2021 Fiscal Year Annual Research Report
β2アドレナリン受容体-IL-6シグナル増強による炎症制御メカニズムの解明
Project/Area Number |
19K07118
|
Research Institution | Tokyo University of Agriculture and Technology |
Principal Investigator |
鈴木 絵里子 東京農工大学, (連合)農学研究科(研究院), 准教授 (00468513)
|
Co-Investigator(Kenkyū-buntansha) |
蓮見 惠司 東京農工大学, (連合)農学研究科(研究院), 教授 (20208474)
|
Project Period (FY) |
2019-04-01 – 2022-03-31
|
Keywords | アドレナリン受容体 / IL-6 / 脂肪組織 |
Outline of Annual Research Achievements |
本研究において、我々は、種々の炎症性疾患動物モデルにおいて、著効を示す生理活性物質SMTPの抗炎症の標的分子を可溶性エポキシドヒドロラーゼ(=soluble epoxide hydrolase: sEH)と同定したことを端緒に、SMTPによるsEH阻害により発現する抗炎症作用が、炎症を正負に制御するpleiotropicなサイトカインであるIL-6の緩徐な上昇を介してもたらされることを見出した。

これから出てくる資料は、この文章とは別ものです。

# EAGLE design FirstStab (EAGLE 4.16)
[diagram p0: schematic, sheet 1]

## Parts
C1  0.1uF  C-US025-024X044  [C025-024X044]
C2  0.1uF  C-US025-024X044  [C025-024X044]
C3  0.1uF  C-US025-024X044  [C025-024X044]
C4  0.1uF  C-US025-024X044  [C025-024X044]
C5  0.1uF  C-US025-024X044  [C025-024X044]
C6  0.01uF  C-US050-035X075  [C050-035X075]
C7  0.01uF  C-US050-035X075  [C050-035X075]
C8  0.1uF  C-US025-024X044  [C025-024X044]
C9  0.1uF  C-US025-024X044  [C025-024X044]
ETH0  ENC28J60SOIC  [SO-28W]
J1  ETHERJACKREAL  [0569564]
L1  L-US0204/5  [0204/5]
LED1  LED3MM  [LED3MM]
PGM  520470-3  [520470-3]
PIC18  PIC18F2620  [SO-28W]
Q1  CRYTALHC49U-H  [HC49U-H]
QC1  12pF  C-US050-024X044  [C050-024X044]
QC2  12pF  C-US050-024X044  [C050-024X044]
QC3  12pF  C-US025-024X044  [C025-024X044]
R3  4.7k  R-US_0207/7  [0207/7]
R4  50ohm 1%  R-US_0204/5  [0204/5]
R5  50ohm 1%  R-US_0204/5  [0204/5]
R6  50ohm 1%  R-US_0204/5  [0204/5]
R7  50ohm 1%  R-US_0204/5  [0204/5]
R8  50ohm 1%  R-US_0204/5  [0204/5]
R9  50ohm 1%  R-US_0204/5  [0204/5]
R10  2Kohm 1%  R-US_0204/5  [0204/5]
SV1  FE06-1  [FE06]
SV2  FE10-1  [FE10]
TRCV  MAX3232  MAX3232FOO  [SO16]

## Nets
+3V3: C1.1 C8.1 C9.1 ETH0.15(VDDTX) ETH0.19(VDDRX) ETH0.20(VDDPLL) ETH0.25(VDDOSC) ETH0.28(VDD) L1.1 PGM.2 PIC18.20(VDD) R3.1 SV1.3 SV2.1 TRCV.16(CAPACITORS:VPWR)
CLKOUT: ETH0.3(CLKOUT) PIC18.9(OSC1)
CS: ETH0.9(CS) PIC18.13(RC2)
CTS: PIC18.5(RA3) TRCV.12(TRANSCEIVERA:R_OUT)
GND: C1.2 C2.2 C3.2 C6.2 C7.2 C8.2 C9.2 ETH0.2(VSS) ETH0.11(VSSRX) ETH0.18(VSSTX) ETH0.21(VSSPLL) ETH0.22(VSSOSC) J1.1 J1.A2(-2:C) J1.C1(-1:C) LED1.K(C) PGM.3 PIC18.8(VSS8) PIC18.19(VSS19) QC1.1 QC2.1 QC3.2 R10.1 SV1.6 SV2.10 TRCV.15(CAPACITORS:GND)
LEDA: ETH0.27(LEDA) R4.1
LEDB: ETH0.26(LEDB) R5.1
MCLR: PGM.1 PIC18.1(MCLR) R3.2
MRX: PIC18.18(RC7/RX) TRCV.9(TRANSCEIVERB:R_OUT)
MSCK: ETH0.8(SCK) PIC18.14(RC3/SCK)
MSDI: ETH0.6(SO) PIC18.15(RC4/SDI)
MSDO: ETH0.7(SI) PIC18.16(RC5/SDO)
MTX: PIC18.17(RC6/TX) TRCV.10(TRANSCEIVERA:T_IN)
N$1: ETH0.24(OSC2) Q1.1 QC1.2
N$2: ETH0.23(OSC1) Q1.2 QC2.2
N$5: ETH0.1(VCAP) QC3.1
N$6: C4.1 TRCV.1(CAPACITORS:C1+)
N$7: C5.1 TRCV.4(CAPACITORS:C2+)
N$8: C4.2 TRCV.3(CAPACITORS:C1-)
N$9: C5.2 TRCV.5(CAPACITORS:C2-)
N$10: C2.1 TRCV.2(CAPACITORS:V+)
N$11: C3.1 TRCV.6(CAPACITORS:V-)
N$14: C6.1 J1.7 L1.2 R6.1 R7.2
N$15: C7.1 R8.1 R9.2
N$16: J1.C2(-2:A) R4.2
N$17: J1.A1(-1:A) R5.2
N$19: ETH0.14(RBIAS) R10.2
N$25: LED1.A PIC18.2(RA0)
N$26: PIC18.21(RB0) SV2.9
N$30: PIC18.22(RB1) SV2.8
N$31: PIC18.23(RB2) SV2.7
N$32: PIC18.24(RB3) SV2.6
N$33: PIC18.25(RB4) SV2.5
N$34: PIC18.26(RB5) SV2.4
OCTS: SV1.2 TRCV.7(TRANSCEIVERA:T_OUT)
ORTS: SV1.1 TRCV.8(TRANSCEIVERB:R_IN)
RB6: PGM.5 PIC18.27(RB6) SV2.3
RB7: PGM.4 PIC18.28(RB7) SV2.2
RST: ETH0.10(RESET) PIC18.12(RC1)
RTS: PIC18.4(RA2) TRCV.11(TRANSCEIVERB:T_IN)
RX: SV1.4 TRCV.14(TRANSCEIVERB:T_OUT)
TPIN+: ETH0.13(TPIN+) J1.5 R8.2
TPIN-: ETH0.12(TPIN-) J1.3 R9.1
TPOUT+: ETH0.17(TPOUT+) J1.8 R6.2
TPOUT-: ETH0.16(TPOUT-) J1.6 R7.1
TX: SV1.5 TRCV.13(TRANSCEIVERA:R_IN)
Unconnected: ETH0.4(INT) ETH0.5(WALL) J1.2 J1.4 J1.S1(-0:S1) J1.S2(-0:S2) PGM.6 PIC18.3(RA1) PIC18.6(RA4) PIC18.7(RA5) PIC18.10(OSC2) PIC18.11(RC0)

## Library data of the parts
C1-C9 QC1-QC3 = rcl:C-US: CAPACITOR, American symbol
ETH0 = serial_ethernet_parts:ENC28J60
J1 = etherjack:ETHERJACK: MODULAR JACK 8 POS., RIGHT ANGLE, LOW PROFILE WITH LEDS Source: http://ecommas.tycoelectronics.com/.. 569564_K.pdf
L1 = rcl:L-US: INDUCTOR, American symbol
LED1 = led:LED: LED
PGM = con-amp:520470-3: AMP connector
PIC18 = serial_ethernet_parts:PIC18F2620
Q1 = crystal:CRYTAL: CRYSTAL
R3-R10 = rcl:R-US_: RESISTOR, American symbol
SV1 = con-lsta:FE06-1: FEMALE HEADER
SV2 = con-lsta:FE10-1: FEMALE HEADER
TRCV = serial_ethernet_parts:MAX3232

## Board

また、その機序として、主に筋肉・脂肪組織におけるbeta2アドレナリン受容体活性化が関与し、beta2AR-IL-6シグナルの増強が、脂肪肝の改善を始め、さまざまな炎症性の病態改善をもたらすことを明らかにした。炎症抵抗性の表現型を示すsEH KOマウスにおいても、血中IL-6は高いレベルを維持していた。さらに、sEHの有する二つの酵素活性の内、主にN末端のホスファターゼ阻害がこのシグナルの増強に関わることを発見した。炎症制御に置いて、これまでsEHのC末端エポキシドヒドロラーゼ(C-EH)が着目され、阻害剤開発が進められてきたが、N末端ホスファターゼ(N-phos)に関しては、in vitroではLPA、S1Pが基質として機能することが報告されてはいるものの、生理的基質に関する明確なエビデンスがなかったことから、阻害剤開発等の研究の展開が立ち遅れていた。我々は、本研究の知見をもとに、新たにN-phos阻害剤の探索および生理的基質の探索研究を進めており、結果、複数の修飾アミノ酸にN-phos特異的阻害活性を認めた。さらに、生理活性基質として、LC-MS/MSによる網羅的解析を行い、複数のリン脂質を同定するに至った。本研究に置いて、これまで着目されなかった新しい炎症制御の機序として、可溶性エポキシドヒドロラーゼ(sEH)N末端ホスファターゼ阻害を介したb2AR-IL-6シグナルの増強が炎症制御の要となることを発見した。